- [How to complete this task]: Pull from the data below each line where the word "height" occurs, and copy it.

Stored data entries:
>>>

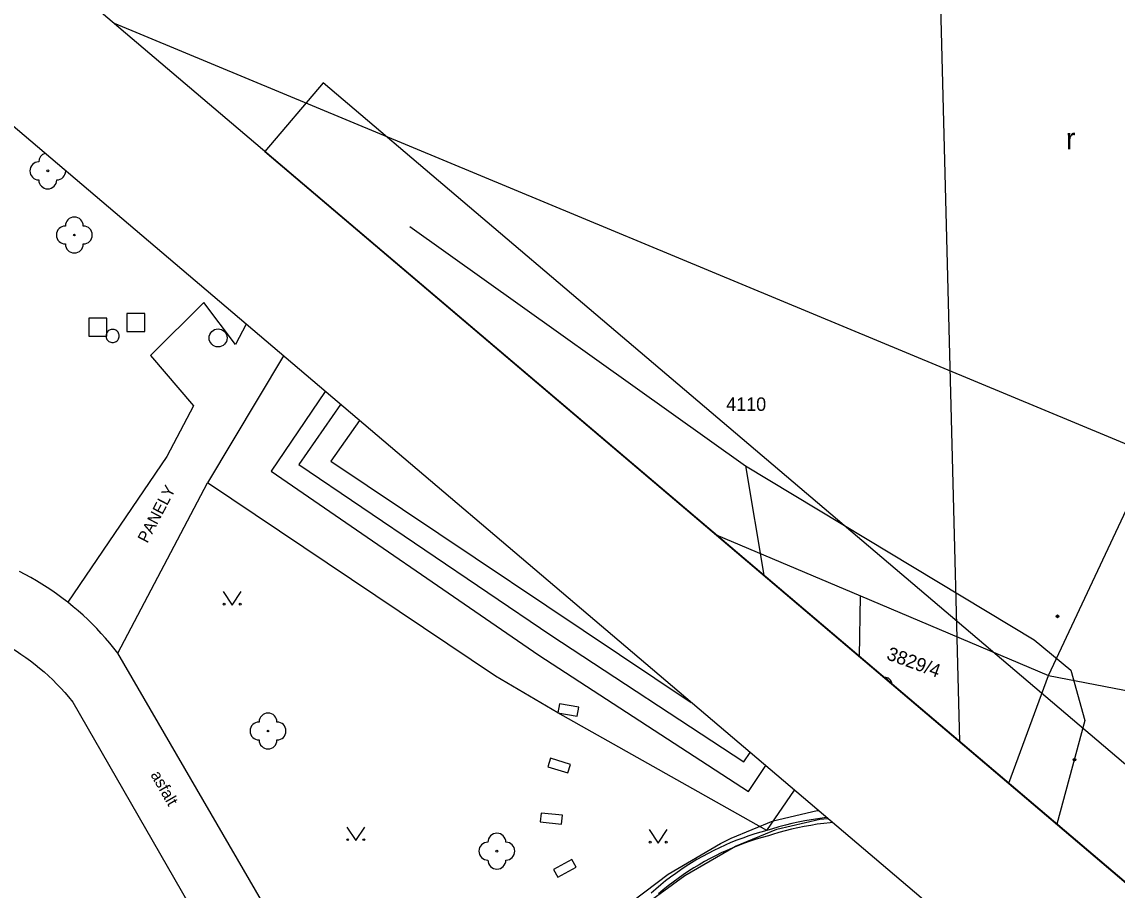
# Model space of a CAD drawing. Extents: x -540150 to -533593, y -1185082 to -1180066.
# Drawn here: x -536273 to -536212, y -1184738.1 to -1184689.8 of the extents above; entities that cross this region are included whole.
import ezdxf

# ---------------------------------------------------------------- set-up
doc = ezdxf.new("R2010")
doc.units = 0
for name, color, linetype in [('KN_HRAN_PARCEL', 7, 'Continuous'), ('KN_PARC_Č', 7, 'Continuous'), ('KN_VKP_HRAN_', 7, 'Continuous'), ('rámeček', 7, 'Continuous'), ('Vrstva 1', 7, 'Continuous'), ('Vrstva 10', 7, 'Continuous'), ('Vrstva 11', 7, 'Continuous'), ('Vrstva 14', 7, 'Continuous'), ('Vrstva 20', 7, 'Continuous'), ('Vrstva 21', 7, 'Continuous'), ('Vrstva 22', 7, 'Continuous'), ('Vrstva 26', 7, 'Continuous'), ('Vrstva 27', 7, 'Continuous'), ('Vrstva 36', 7, 'Continuous'), ('Vrstva 40', 7, 'Continuous')]:
    doc.layers.add(name, color=color, linetype=linetype)

msp = doc.modelspace()

# ---------------------------------------------------------------- linework, layer by layer
at = {"layer": 'KN_HRAN_PARCEL'}
for p, q in [((-536267.873, -1184689.83), (-536210.051, -1184713.855)), ((-536215.831, -1184726.145), (-536210.051, -1184713.855)), ((-536234.333, -1184718.312), (-536226.301, -1184721.715)), ((-536226.354, -1184725.087), (-536226.301, -1184721.715)), ((-536226.301, -1184721.715), (-536215.831, -1184726.145)), ((-536218.04, -1184732.147), (-536215.831, -1184726.145)), ((-536215.831, -1184726.145), (-536087.491, -1184751.215))]:
    msp.add_line(p, q, dxfattribs=at)
at = {"layer": 'KN_VKP_HRAN_'}
for p, q in [((-536231.162, -1184734.251), (-536228.712, -1184733.671)), ((-536228.712, -1184733.671), (-536228.638, -1184733.665)), ((-536233.492, -1184735.211), (-536231.162, -1184734.251)), ((-536230.962, -1184734.711), (-536228.552, -1184734.151)), ((-536228.552, -1184734.151), (-536228.102, -1184734.12)), ((-536233.262, -1184735.651), (-536230.962, -1184734.711)), ((-536237.002, -1184737.211), (-536234.092, -1184735.501)), ((-536236.082, -1184737.291), (-536233.262, -1184735.651)), ((-536234.092, -1184735.501), (-536233.492, -1184735.211)), ((-536239.692, -1184739.241), (-536237.002, -1184737.211)), ((-536239.042, -1184739.441), (-536236.082, -1184737.291))]:
    msp.add_line(p, q, dxfattribs=at)
at = {"layer": 'rámeček'}
msp.add_lwpolyline([(-536863.363, -1184184.148), (-536677.591, -1183965.383), (-535884.856, -1184638.563), (-536070.628, -1184857.328)], close=True, dxfattribs=at)
for points in [[(-537054.324, -1184409.023), (-536261.589, -1185082.203), (-536075.817, -1184863.438), (-536868.552, -1184190.259)], [(-536067.391, -1184853.516), (-536256.235, -1184693.153), (-536259.471, -1184696.965)], [(-536259.471, -1184696.965), (-536070.628, -1184857.328), (-536067.391, -1184853.516)]]:
    msp.add_lwpolyline(points, dxfattribs=at)
at = {"layer": 'Vrstva 1'}
msp.add_lwpolyline([(-536220.766, -1184729.832), (-536222.951, -1184645.004), (-536226.092, -1184581.816)], dxfattribs=at)
at = {"layer": 'Vrstva 10'}
for p, q in [((-536257.729, -1184742.002), (-536267.662, -1184724.901)), ((-536270.172, -1184727.631), (-536263.722, -1184738.871))]:
    msp.add_line(p, q, dxfattribs=at)
for points in [[(-536267.662, -1184724.901), (-536267.884, -1184724.619), (-536268.113, -1184724.342), (-536268.348, -1184724.07), (-536268.589, -1184723.803), (-536268.835, -1184723.542), (-536269.088, -1184723.286), (-536269.346, -1184723.036), (-536269.609, -1184722.792), (-536269.878, -1184722.553), (-536270.152, -1184722.321), (-536270.462, -1184722.071), (-536270.716, -1184721.875), (-536271.005, -1184721.662), (-536271.299, -1184721.455), (-536271.597, -1184721.254), (-536271.899, -1184721.061), (-536272.206, -1184720.874), (-536272.517, -1184720.694), (-536272.832, -1184720.521), (-536273.151, -1184720.355)], [(-536274.754, -1184723.989), (-536274.463, -1184724.133), (-536274.175, -1184724.285), (-536273.891, -1184724.444), (-536273.611, -1184724.61), (-536273.335, -1184724.782), (-536273.064, -1184724.962), (-536272.797, -1184725.147), (-536272.535, -1184725.34), (-536272.277, -1184725.539), (-536272.025, -1184725.744), (-536271.778, -1184725.955), (-536271.536, -1184726.172), (-536271.299, -1184726.395), (-536271.068, -1184726.624), (-536270.842, -1184726.859), (-536270.623, -1184727.099), (-536270.409, -1184727.344), (-536270.172, -1184727.631)]]:
    msp.add_lwpolyline(points, dxfattribs=at)
at = {"layer": 'Vrstva 11'}
for p, q in [((-536258.447, -1184708.352), (-536262.682, -1184715.421)), ((-536256.112, -1184710.334), (-536259.132, -1184714.771)), ((-536263.452, -1184711.141), (-536264.932, -1184713.961)), ((-536255.261, -1184711.057), (-536257.592, -1184714.401)), ((-536264.932, -1184713.961), (-536270.462, -1184722.071)), ((-536257.592, -1184714.401), (-536243.552, -1184723.911)), ((-536259.132, -1184714.771), (-536244.222, -1184725.021)), ((-536267.662, -1184724.901), (-536262.682, -1184715.421)), ((-536243.552, -1184723.911), (-536232.802, -1184730.951)), ((-536244.222, -1184725.021), (-536232.532, -1184732.611)), ((-536232.802, -1184730.951), (-536232.448, -1184730.43)), ((-536232.532, -1184732.611), (-536231.575, -1184731.171)), ((-536231.189, -1184734.68), (-536231.512, -1184734.781)), ((-536231.192, -1184735), (-536231.418, -1184735.072))]:
    msp.add_line(p, q, dxfattribs=at)
for points in [[(-536262.882, -1184705.381), (-536265.842, -1184708.331), (-536263.452, -1184711.141)], [(-536260.522, -1184706.589), (-536261.112, -1184707.711), (-536262.882, -1184705.381)], [(-536267.658, -1184707.446), (-536267.631, -1184707.399), (-536267.611, -1184707.349), (-536267.599, -1184707.296), (-536267.595, -1184707.242), (-536267.599, -1184707.188), (-536267.611, -1184707.135), (-536267.63, -1184707.084), (-536267.657, -1184707.037), (-536267.69, -1184706.995), (-536267.729, -1184706.957), (-536267.773, -1184706.926), (-536267.822, -1184706.902), (-536267.873, -1184706.885), (-536267.927, -1184706.876), (-536267.981, -1184706.874), (-536268.034, -1184706.881), (-536268.087, -1184706.896), (-536268.136, -1184706.918), (-536268.182, -1184706.947), (-536268.223, -1184706.982), (-536268.258, -1184707.024), (-536268.287, -1184707.069), (-536268.308, -1184707.119), (-536268.322, -1184707.171), (-536268.329, -1184707.225), (-536268.327, -1184707.279), (-536268.318, -1184707.333), (-536268.3, -1184707.384), (-536268.275, -1184707.432), (-536268.244, -1184707.476), (-536268.206, -1184707.515), (-536268.163, -1184707.548), (-536268.116, -1184707.574), (-536268.065, -1184707.593), (-536268.012, -1184707.605), (-536267.958, -1184707.608), (-536267.904, -1184707.604), (-536267.852, -1184707.591), (-536267.801, -1184707.571), (-536267.754, -1184707.544), (-536267.712, -1184707.51), (-536267.675, -1184707.47), (-536267.658, -1184707.446)], [(-536243.152, -1184728.221), (-536242.074, -1184728.42), (-536241.982, -1184727.921), (-536243.06, -1184727.722), (-536243.152, -1184728.221)], [(-536243.562, -1184730.751), (-536243.711, -1184731.228), (-536242.591, -1184731.578), (-536242.442, -1184731.101), (-536243.562, -1184730.751)], [(-536244.082, -1184733.811), (-536244.133, -1184734.308), (-536242.953, -1184734.428), (-536242.902, -1184733.931), (-536244.082, -1184733.811)], [(-536227.849, -1184734.335), (-536227.983, -1184734.348), (-536228.345, -1184734.389), (-536228.706, -1184734.438), (-536229.066, -1184734.495), (-536229.425, -1184734.56), (-536229.782, -1184734.632), (-536230.137, -1184734.712), (-536230.491, -1184734.801), (-536230.842, -1184734.897), (-536231.192, -1184735)], [(-536228.172, -1184734.061), (-536228.313, -1184734.077), (-536228.678, -1184734.125), (-536229.041, -1184734.181), (-536229.403, -1184734.244), (-536229.764, -1184734.316), (-536230.123, -1184734.395), (-536230.481, -1184734.482), (-536230.836, -1184734.577), (-536231.189, -1184734.68)], [(-536231.512, -1184734.781), (-536231.852, -1184734.875), (-536232.189, -1184734.976), (-536232.524, -1184735.086), (-536232.857, -1184735.202), (-536233.187, -1184735.327), (-536233.514, -1184735.458), (-536233.837, -1184735.597), (-536234.158, -1184735.744), (-536234.475, -1184735.898), (-536234.789, -1184736.058), (-536235.099, -1184736.226), (-536235.405, -1184736.401), (-536235.707, -1184736.583), (-536236.005, -1184736.772), (-536236.298, -1184736.967), (-536236.587, -1184737.169), (-536236.871, -1184737.377), (-536237.15, -1184737.592), (-536237.425, -1184737.813), (-536237.694, -1184738.04), (-536237.958, -1184738.274)], [(-536231.418, -1184735.072), (-536231.77, -1184735.17), (-536232.104, -1184735.271), (-536232.436, -1184735.379), (-536232.765, -1184735.495), (-536233.092, -1184735.618), (-536233.415, -1184735.749), (-536233.736, -1184735.887), (-536234.053, -1184736.033), (-536234.367, -1184736.185), (-536234.677, -1184736.345), (-536234.983, -1184736.512), (-536235.286, -1184736.686), (-536235.584, -1184736.867), (-536235.878, -1184737.055), (-536236.168, -1184737.249), (-536236.454, -1184737.45), (-536236.734, -1184737.657), (-536237.01, -1184737.871), (-536237.281, -1184738.091), (-536237.547, -1184738.317)], [(-536243.402, -1184736.951), (-536243.161, -1184737.389), (-536242.141, -1184736.829), (-536242.382, -1184736.391), (-536243.402, -1184736.951)]]:
    msp.add_lwpolyline(points, dxfattribs=at)
at = {"layer": 'Vrstva 14'}
for p, q in [((-536254.207, -1184711.952), (-536255.802, -1184714.221)), ((-536255.802, -1184714.221), (-536235.724, -1184727.648)), ((-536246.632, -1184726.191), (-536262.682, -1184715.421)), ((-536243.152, -1184728.221), (-536246.632, -1184726.191)), ((-536231.512, -1184734.781), (-536243.152, -1184728.221)), ((-536231.512, -1184734.781), (-536229.979, -1184732.527))]:
    msp.add_line(p, q, dxfattribs=at)
at = {"layer": 'Vrstva 20'}
for centre, radius in [((-536215.321, -1184722.855), 0.075), ((-536215.321, -1184722.855), 0.0204), ((-536214.371, -1184730.835), 0.075), ((-536214.371, -1184730.835), 0.0204)]:
    msp.add_circle(centre, radius, dxfattribs=at)
at = {"layer": 'Vrstva 21'}
for points in [[(-536251.401, -1184701.155), (-536232.701, -1184714.475)], [(-536232.701, -1184714.475), (-536231.682, -1184720.562)], [(-536232.701, -1184714.475), (-536216.621, -1184724.155), (-536214.581, -1184725.855), (-536213.791, -1184728.665), (-536215.352, -1184734.43)]]:
    msp.add_lwpolyline(points, dxfattribs=at)
at = {"layer": 'Vrstva 22'}
for centre in [(-536271.572, -1184698.051), (-536270.092, -1184701.621), (-536259.302, -1184729.241), (-536246.552, -1184735.931)]:
    msp.add_circle(centre, 0.05, dxfattribs=at)
for centre, start, end in [((-536271.572, -1184697.551), 107.95062, 180), ((-536272.072, -1184698.051), 90, 270), ((-536271.572, -1184698.551), 180, 0), ((-536271.072, -1184698.051), 270, 359.49952), ((-536270.092, -1184701.121), 0, 180), ((-536270.592, -1184701.621), 90, 270), ((-536269.592, -1184701.621), 270, 90), ((-536270.092, -1184702.121), 180, 0), ((-536259.302, -1184728.741), 0, 180), ((-536259.802, -1184729.241), 90, 270), ((-536258.802, -1184729.241), 270, 90), ((-536259.302, -1184729.741), 180, 0), ((-536246.552, -1184735.431), 0, 180), ((-536247.052, -1184735.931), 90, 270), ((-536246.052, -1184735.931), 270, 90), ((-536246.552, -1184736.431), 180, 0)]:
    msp.add_arc(centre, 0.5, start, end, dxfattribs=at)
at = {"layer": 'Vrstva 26'}
for points in [[(-536269.282, -1184707.261), (-536268.282, -1184707.261), (-536268.282, -1184706.261), (-536269.282, -1184706.261)], [(-536267.172, -1184707.001), (-536266.172, -1184707.001), (-536266.172, -1184706.001), (-536267.172, -1184706.001)]]:
    msp.add_lwpolyline(points, close=True, dxfattribs=at)
at = {"layer": 'Vrstva 27'}
msp.add_circle((-536262.082, -1184707.351), 0.5, dxfattribs=at)
at = {"layer": 'Vrstva 36'}
for p, q in [((-536224.961, -1184726.27), (-536224.701, -1184726.491)), ((-536224.089, -1184727.011), (-536224.047, -1184727.011))]:
    msp.add_line(p, q, dxfattribs=at)
for points in [[(-536261.799, -1184721.481), (-536261.299, -1184722.231), (-536260.799, -1184721.481)], [(-536254.914, -1184734.593), (-536254.414, -1184735.343), (-536253.914, -1184734.593)], [(-536238.064, -1184734.73), (-536237.564, -1184735.48), (-536237.064, -1184734.73)]]:
    msp.add_lwpolyline(points, dxfattribs=at)
for centre in [(-536261.749, -1184722.18), (-536260.85, -1184722.18), (-536254.864, -1184735.292), (-536253.965, -1184735.292), (-536238.014, -1184735.429), (-536237.115, -1184735.429)]:
    msp.add_circle(centre, 0.05, dxfattribs=at)
for centre, start, end in [((-536224.922, -1184726.635), 2.14609, 97.17897), ((-536225.047, -1184726.635), 22.67956, 76.64551)]:
    msp.add_arc(centre, 0.375, start, end, dxfattribs=at)

# ---------------------------------------------------------------- texts
at = {"layer": 'KN_PARC_Č'}
msp.add_text('4110', height=0.75, dxfattribs=at).set_placement((-536233.781, -1184711.415))
msp.add_text('3829/4', height=0.75, rotation=340, dxfattribs=at).set_placement((-536224.89, -1184725.234))
at = {"layer": 'Vrstva 36'}
msp.add_text('r', height=1.2, dxfattribs=at).set_placement((-536214.855, -1184696.857))
at = {"layer": 'Vrstva 40'}
for s, rotation, p in [('PANELY', 62.28631, (-536266.028, -1184718.821)), ('asfalt', 299.84907, (-536265.868, -1184731.676))]:
    msp.add_text(s, height=0.65, rotation=rotation, dxfattribs=at).set_placement(p)

doc.saveas('drawing.dxf')

<<<

- [Exercise solution]:
msp.add_text('4110', height=0.75, dxfattribs=at).set_placement((-536233.781, -1184711.415))
msp.add_text('3829/4', height=0.75, rotation=340, dxfattribs=at).set_placement((-536224.89, -1184725.234))
msp.add_text('r', height=1.2, dxfattribs=at).set_placement((-536214.855, -1184696.857))
    msp.add_text(s, height=0.65, rotation=rotation, dxfattribs=at).set_placement(p)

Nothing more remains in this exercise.